What is expected ::
In the lines below, look for "spatial". Copy each line where it appears.

*** Block opens ***

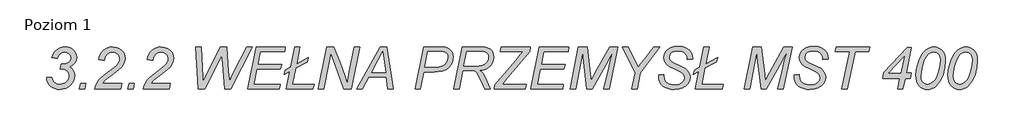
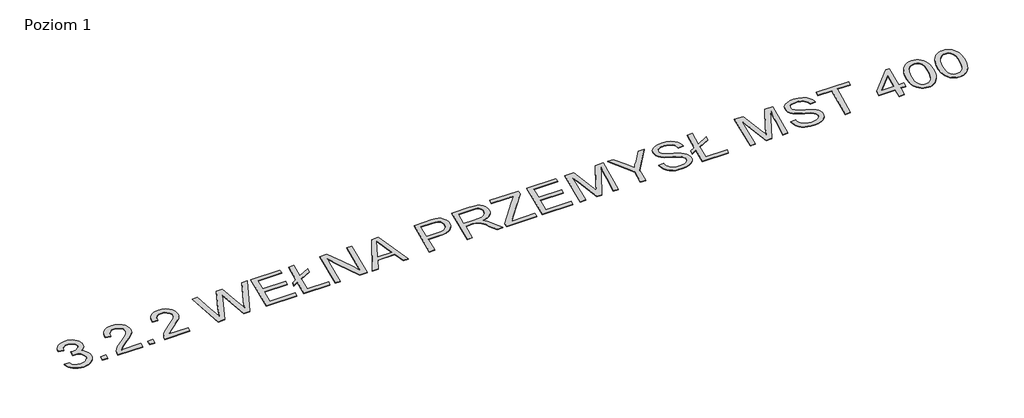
# One storey, part 4 of 9: 1 proxy.
"""IFC4 building model written with IfcOpenShell, lengths in millimetres."""

from ifc_helpers import new_model, si_unit, origin, origin_with_axes, place, context, project, spatial, polyline, outline, extrude, element, save

model = new_model("IFC4")

# Units and contexts
model_context = context("Model", 3, world=origin())
ifc_project = project(units=[si_unit("LENGTHUNIT", "METRE", prefix="MILLI")], contexts=[model_context])

# Site, building, storey
site = spatial("IfcSite", under=ifc_project)
building = spatial("IfcBuilding", under=site)
storey = spatial("IfcBuildingStorey", under=building, Name="Poziom 1", Elevation=0.0)

# Proxy
placement = place(None, origin())
element("IfcBuildingElementProxy", 1, Name="400 mm Arial", ObjectType="400 mm Arial", at=placement, inside=storey, context=model_context, shape_type="SweptSolid", body=[
    extrude(outline(polyline([(-1064.6188022, 3434.5109693), (-1015.6491052, 3434.5109693), (-1006.7542189, 3406.3557846), (-991.1642568, 3387.501973), (-969.2617946, 3376.8496293), (-941.4294083, 3373.298848), (-906.8541242, 3379.2765943), (-891.4674054, 3386.748777), (-877.3479689, 3397.2098329), (-865.5478979, 3409.6017008), (-857.1192757, 3422.8663196), (-852.0621024, 3437.0036894), (-850.376378, 3452.0138102), (-855.2303079, 3476.6301691), (-869.7920977, 3496.536064), (-892.5314443, 3509.6990611), (-921.9180446, 3514.0867268), (-937.3167189, 3514.0867268), (-929.0913401, 3563.9172193), (-915.7968325, 3563.0564238), (-879.559735, 3567.2169352), (-853.2935181, 3579.6984693), (-837.3329357, 3598.2294825), (-832.0127416, 3620.5384314), (-836.5319177, 3641.0540564), (-850.0894461, 3658.0308556), (-870.1985844, 3669.4363954), (-894.3725901, 3673.238242), (-918.6422397, 3669.3527069), (-940.3773249, 3657.6961018), (-957.1867473, 3638.9379342), (-966.6794083, 3613.7477117), (-1015.6491052, 3621.6861587), (-1008.4070657, 3644.3328502), (-998.4451516, 3664.2596672), (-985.7633631, 3681.4666096), (-970.3616999, 3695.9536776), (-952.8319592, 3707.4399169), (-933.7659376, 3715.6443736), (-913.1636353, 3720.5670476), (-891.0250522, 3722.207939), (-868.0675179, 3720.4564593), (-847.3994604, 3715.2020204), (-829.0208796, 3706.4446222), (-812.9317757, 3694.1842647), (-799.8554559, 3679.3714096), (-790.5152274, 3662.9565185), (-784.9110903, 3644.9395914), (-783.0430446, 3625.3206283), (-787.0003126, 3597.3806426), (-798.8721166, 3573.2425033), (-818.8019225, 3552.9062107), (-846.9331961, 3536.3717647), (-826.8957908, 3520.961135), (-812.6926658, 3502.6572761), (-804.2281772, 3481.484099), (-801.406681, 3457.4655147), (-803.9382565, 3431.3905857), (-811.5329831, 3407.1089806), (-824.1908607, 3384.6206994), (-841.9118893, 3363.925742), (-863.1538105, 3346.6022335), (-886.3743657, 3334.2282988), (-911.5735548, 3326.803938), (-938.751378, 3324.3291511), (-964.7904405, 3326.2061634), (-988.1992946, 3331.8372003), (-1008.9779405, 3341.2222619), (-1027.126378, 3354.361348), (-1042.0946545, 3370.6327732), (-1053.3328174, 3389.4148518), (-1060.8408666, 3410.7075838), (-1064.6188022, 3434.5109693)])), origin_with_axes(), (0.0, 0.0, 1.0), 5.0),
    extrude(outline(polyline([(-757.7930446, 3330.4503632), (-746.3157719, 3379.4200602), (-697.3460749, 3379.4200602), (-707.8669083, 3330.4503632), (-757.7930446, 3330.4503632)])), origin_with_axes(), (0.0, 0.0, 1.0), 5.0),
    extrude(outline(polyline([(-611.6491052, 3330.4503632), (-602.5270645, 3362.7062818), (-590.4639727, 3389.2713859), (-574.7066336, 3412.3813528), (-554.5018515, 3434.2718594), (-468.1831961, 3502.8963859), (-415.1008098, 3545.1710071), (-397.430592, 3564.7062818), (-385.3555446, 3583.9068026), (-380.6211696, 3597.392598), (-379.0430446, 3612.0261208), (-383.932841, 3635.6382183), (-398.6022302, 3655.4006473), (-420.3970929, 3668.7788433), (-446.6633098, 3673.238242), (-473.0251706, 3668.7190658), (-495.8721166, 3655.1615374), (-513.9368657, 3631.6092174), (-525.9521355, 3597.1056662), (-574.9218325, 3603.6094541), (-569.6763602, 3629.6963386), (-561.0175948, 3652.8660829), (-548.9455363, 3673.1186871), (-533.4601848, 3690.4541511), (-515.2131145, 3704.3464333), (-494.8558997, 3714.269492), (-472.3885406, 3720.2233272), (-447.8110371, 3722.207939), (-415.1844982, 3718.6810687), (-385.7859424, 3708.1004579), (-361.4565153, 3691.1475696), (-344.0373628, 3668.503867), (-333.5643515, 3642.5963149), (-330.0733477, 3615.8518783), (-331.8427605, 3596.238893), (-337.1509992, 3576.996528), (-345.9980636, 3558.1247832), (-358.3839537, 3539.6236587), (-392.672306, 3508.0611587), (-460.7229689, 3455.8395677), (-515.0009045, 3411.8433556), (-541.8290295, 3379.4200602), (-360.6794083, 3379.4200602), (-370.3394461, 3330.4503632), (-611.6491052, 3330.4503632)])), origin_with_axes(), (0.0, 0.0, 1.0), 5.0),
    extrude(outline(polyline([(-304.8233477, 3330.4503632), (-293.3460749, 3379.4200602), (-244.376378, 3379.4200602), (-254.8972113, 3330.4503632), (-304.8233477, 3330.4503632)])), origin_with_axes(), (0.0, 0.0, 1.0), 5.0),
    extrude(outline(polyline([(-158.6794083, 3330.4503632), (-149.5573675, 3362.7062818), (-137.4942757, 3389.2713859), (-121.7369367, 3412.3813528), (-101.5321545, 3434.2718594), (-15.2134992, 3502.8963859), (37.8688872, 3545.1710071), (55.539105, 3564.7062818), (67.6141523, 3583.9068026), (72.3485273, 3597.392598), (73.9266523, 3612.0261208), (69.0368559, 3635.6382183), (54.3674667, 3655.4006473), (32.572604, 3668.7788433), (6.3063872, 3673.238242), (-20.0554736, 3668.7190658), (-42.9024196, 3655.1615374), (-60.9671687, 3631.6092174), (-72.9824386, 3597.1056662), (-121.9521355, 3603.6094541), (-116.7066632, 3629.6963386), (-108.0478979, 3652.8660829), (-95.9758394, 3673.1186871), (-80.4904878, 3690.4541511), (-62.2434175, 3704.3464333), (-41.8862028, 3714.269492), (-19.4188436, 3720.2233272), (5.1586599, 3722.207939), (37.7851987, 3718.6810687), (67.1837546, 3708.1004579), (91.5131817, 3691.1475696), (108.9323342, 3668.503867), (119.4053455, 3642.5963149), (122.8963493, 3615.8518783), (121.1269364, 3596.238893), (115.8186978, 3576.996528), (106.9716334, 3558.1247832), (94.5857432, 3539.6236587), (60.297391, 3508.0611587), (-7.7532719, 3455.8395677), (-62.0312075, 3411.8433556), (-88.8593325, 3379.4200602), (92.2902887, 3379.4200602), (82.6302508, 3330.4503632), (-158.6794083, 3330.4503632)])), origin_with_axes(), (0.0, 0.0, 1.0), 5.0),
    extrude(outline(polyline([(355.5024099, 3330.4503632), (331.0175614, 3722.207939), (379.9872584, 3722.207939), (391.1775993, 3527.0943026), (395.4815766, 3452.205098), (396.8205917, 3428.1984693), (401.4115008, 3397.7836965), (446.842372, 3497.3490374), (561.6150993, 3722.207939), (618.7145311, 3722.207939), (636.0260842, 3492.5668405), (646.2599857, 3397.7836965), (661.7543039, 3435.3717647), (692.3603645, 3496.392598), (805.9853645, 3722.207939), (860.5024099, 3722.207939), (656.5895311, 3330.4503632), (600.3508948, 3330.4503632), (581.7959705, 3566.7865374), (572.8054402, 3642.6321814), (546.8859326, 3585.6283935), (416.4275993, 3330.4503632), (355.5024099, 3330.4503632)])), origin_with_axes(), (0.0, 0.0, 1.0), 5.0),
    extrude(outline(polyline([(814.593319, 3330.4503632), (894.1690766, 3722.207939), (1169.623622, 3722.207939), (1163.406766, 3679.3594541), (935.2003266, 3679.3594541), (910.3329023, 3556.9352117), (1132.8963493, 3556.9352117), (1120.6539251, 3514.0867268), (901.6293039, 3514.0867268), (873.031766, 3373.298848), (1118.5497584, 3373.298848), (1109.3679402, 3330.4503632), (814.593319, 3330.4503632)])), origin_with_axes(), (0.0, 0.0, 1.0), 5.0),
    extrude(outline(polyline([(1208.7419932, 3493.0450602), (1157.3811978, 3465.1170299), (1169.623622, 3507.9655147), (1217.063016, 3533.7893783), (1255.3205917, 3722.207939), (1305.0554402, 3722.207939), (1272.9190766, 3564.0128632), (1383.8660463, 3624.268545), (1371.623622, 3581.4200602), (1264.6936978, 3523.364189), (1234.1832811, 3373.298848), (1438.9569554, 3373.298848), (1426.7145311, 3330.4503632), (1175.7448342, 3330.4503632), (1208.7419932, 3493.0450602)])), origin_with_axes(), (0.0, 0.0, 1.0), 5.0),
    extrude(outline(polyline([(1475.6842281, 3330.4503632), (1555.2599857, 3722.207939), (1622.593319, 3722.207939), (1681.8925614, 3570.612295), (1724.9323342, 3453.831045), (1746.0696448, 3379.4200602), (1767.6851751, 3490.5583177), (1812.7334705, 3722.207939), (1862.3726751, 3722.207939), (1786.2400993, 3330.4503632), (1713.9332811, 3330.4503632), (1632.9228645, 3555.5005526), (1593.4219175, 3665.0128632), (1573.8149099, 3568.3168405), (1525.4190766, 3330.4503632), (1475.6842281, 3330.4503632)])), origin_with_axes(), (0.0, 0.0, 1.0), 5.0),
    extrude(outline(polyline([(1834.6359326, 3330.4503632), (2053.8518417, 3722.207939), (2115.8291145, 3722.207939), (2177.5194554, 3330.4503632), (2128.0715387, 3330.4503632), (2112.3859326, 3440.6321814), (1949.313016, 3440.6321814), (1889.5355539, 3330.4503632), (1834.6359326, 3330.4503632)]), holes=[polyline([(1974.6586599, 3483.4806662), (2106.3603645, 3483.4806662), (2092.5876372, 3581.4200602), (2078.623622, 3679.3594541), (2035.4882054, 3599.7836965), (1974.6586599, 3483.4806662)])]), origin_with_axes(), (0.0, 0.0, 1.0), 5.0),
    extrude(outline(polyline([(2381.623622, 3330.4503632), (2460.8168039, 3722.207939), (2624.0810084, 3722.207939), (2661.1669459, 3719.7690185), (2687.6842281, 3712.4522571), (2707.0760368, 3699.2294825), (2722.7855539, 3679.0725223), (2733.1868323, 3654.0138102), (2736.6539251, 3626.0857799), (2734.1791381, 3601.5889759), (2726.7547773, 3576.6856852), (2715.5524809, 3553.7789617), (2701.7438872, 3535.2718594), (2686.5365008, 3520.9730905), (2671.1378266, 3510.691367), (2637.9493796, 3498.4011208), (2600.0504686, 3491.801689), (2561.7211599, 3489.6018783), (2463.5904781, 3489.6018783), (2431.4541145, 3330.4503632), (2381.623622, 3330.4503632)]), holes=[polyline([(2472.2940766, 3532.4503632), (2560.2865008, 3532.4503632), (2604.6533332, 3535.1762155), (2635.4148152, 3543.3537723), (2656.9227461, 3557.1145441), (2673.5289251, 3576.5900412), (2684.1454023, 3599.6043641), (2687.6842281, 3623.9816132), (2685.7713493, 3641.5322761), (2680.0327129, 3655.5441132), (2670.8030728, 3666.172546), (2658.4171826, 3673.5729958), (2638.0450235, 3677.9128395), (2604.8565766, 3679.3594541), (2502.0393417, 3679.3594541), (2472.2940766, 3532.4503632)])]), origin_with_axes(), (0.0, 0.0, 1.0), 5.0),
    extrude(outline(polyline([(2742.7751372, 3330.4503632), (2822.3508948, 3722.207939), (2987.8149099, 3722.207939), (3030.8666381, 3720.1276833), (3062.0824289, 3713.8869162), (3084.6543985, 3701.9075128), (3101.7746637, 3682.611348), (3112.5704734, 3656.6679295), (3116.1690766, 3624.7467647), (3114.2322868, 3601.349866), (3108.4219175, 3580.033223), (3098.7379686, 3560.7968357), (3085.1804402, 3543.6407041), (3067.3010013, 3528.9414262), (3044.6513209, 3517.0755999), (3017.231399, 3508.0432254), (2985.0412357, 3501.8443026), (3003.7635368, 3487.5216227), (3017.2732432, 3473.4380526), (3036.4259421, 3438.2171719), (3051.4181296, 3401.800742), (3085.467372, 3330.4503632), (3032.0024099, 3330.4503632), (2997.7618796, 3402.1833177), (2982.6262262, 3438.5758367), (2965.529872, 3469.707939), (2951.9364771, 3486.0989191), (2937.7453076, 3495.6752685), (2918.7480302, 3500.3020441), (2890.7363114, 3501.8443026), (2827.3243796, 3501.8443026), (2792.5099857, 3330.4503632), (2742.7751372, 3330.4503632)]), holes=[polyline([(2836.0279781, 3544.6927874), (2911.1084705, 3544.6927874), (2978.9200235, 3544.6927874), (3005.879659, 3549.6662723), (3027.4593228, 3558.4655147), (3044.2328787, 3571.0307373), (3056.7741902, 3587.3021624), (3064.5930823, 3606.108152), (3067.1993796, 3626.2770677), (3065.2147679, 3642.7397808), (3059.2609326, 3656.9309503), (3050.0791145, 3667.8941369), (3038.4105539, 3674.6729011), (3020.9794459, 3678.1878158), (2994.5099857, 3679.3594541), (2863.3821448, 3679.3594541), (2836.0279781, 3544.6927874)])]), origin_with_axes(), (0.0, 0.0, 1.0), 5.0),
    extrude(outline(polyline([(3122.2902887, 3330.4503632), (3128.4115008, 3367.1776359), (3325.2467281, 3601.5052874), (3366.1823342, 3649.9967647), (3390.7628266, 3679.3594541), (3355.6615008, 3679.3594541), (3342.6539251, 3679.3594541), (3326.968319, 3679.3594541), (3311.5696448, 3679.3594541), (3178.3376372, 3679.3594541), (3187.6150993, 3722.207939), (3458.9569554, 3722.207939), (3453.8878266, 3681.176689), (3243.375516, 3430.6852117), (3195.1709705, 3373.298848), (3210.0914251, 3373.298848), (3419.7429402, 3373.298848), (3410.4654781, 3330.4503632), (3122.2902887, 3330.4503632)])), origin_with_axes(), (0.0, 0.0, 1.0), 5.0),
    extrude(outline(polyline([(3465.0781675, 3330.4503632), (3544.6539251, 3722.207939), (3820.1084705, 3722.207939), (3813.8916145, 3679.3594541), (3585.6851751, 3679.3594541), (3560.8177508, 3556.9352117), (3783.3811978, 3556.9352117), (3771.1387735, 3514.0867268), (3552.1141523, 3514.0867268), (3523.5166145, 3373.298848), (3769.0346069, 3373.298848), (3759.8527887, 3330.4503632), (3465.0781675, 3330.4503632)])), origin_with_axes(), (0.0, 0.0, 1.0), 5.0),
    extrude(outline(polyline([(3831.6813872, 3330.4503632), (3908.1008948, 3722.207939), (3991.5980539, 3722.207939), (4021.2476751, 3468.9427874), (4028.0383948, 3404.7657041), (4067.9219175, 3482.8111587), (4200.3887735, 3722.207939), (4277.8603645, 3722.207939), (4194.7457811, 3330.4503632), (4144.5327129, 3330.4503632), (4190.5374478, 3518.6776359), (4205.7209232, 3590.6975223), (4231.3774099, 3673.238242), (4204.0710652, 3630.7484219), (4180.686122, 3587.2543405), (4038.4635842, 3330.4503632), (3988.250516, 3330.4503632), (3958.8878266, 3581.611348), (3948.1757054, 3673.238242), (3929.812069, 3578.8376738), (3881.3205917, 3330.4503632), (3831.6813872, 3330.4503632)])), origin_with_axes(), (0.0, 0.0, 1.0), 5.0),
    extrude(outline(polyline([(4407.7448342, 3330.4503632), (4438.1596069, 3480.4200602), (4319.8480539, 3722.207939), (4373.4086599, 3722.207939), (4430.7950235, 3609.1568026), (4467.5222963, 3529.9636208), (4490.6442186, 3565.973564), (4523.4740008, 3604.7571814), (4611.3707811, 3722.207939), (4670.5743796, 3722.207939), (4487.0336599, 3476.4986587), (4457.4796826, 3330.4503632), (4407.7448342, 3330.4503632)])), origin_with_axes(), (0.0, 0.0, 1.0), 5.0),
    extrude(outline(polyline([(4658.7145311, 3458.9958177), (4707.6842281, 3465.1170299), (4707.1103645, 3450.9617268), (4709.6927508, 3428.5093121), (4717.4399099, 3408.017598), (4731.1409042, 3390.7180005), (4751.5847963, 3377.8419352), (4777.6238588, 3369.8437107), (4808.1103645, 3367.1776359), (4849.15357, 3372.3424087), (4865.523628, 3378.7983746), (4879.1259895, 3387.8367268), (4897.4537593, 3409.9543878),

*** Block closes ***

Task response ::
from ifc_helpers import new_model, si_unit, origin, origin_with_axes, place, context, project, spatial, polyline, outline, extrude, element, save
site = spatial("IfcSite", under=ifc_project)
building = spatial("IfcBuilding", under=site)
storey = spatial("IfcBuildingStorey", under=building, Name="Poziom 1", Elevation=0.0)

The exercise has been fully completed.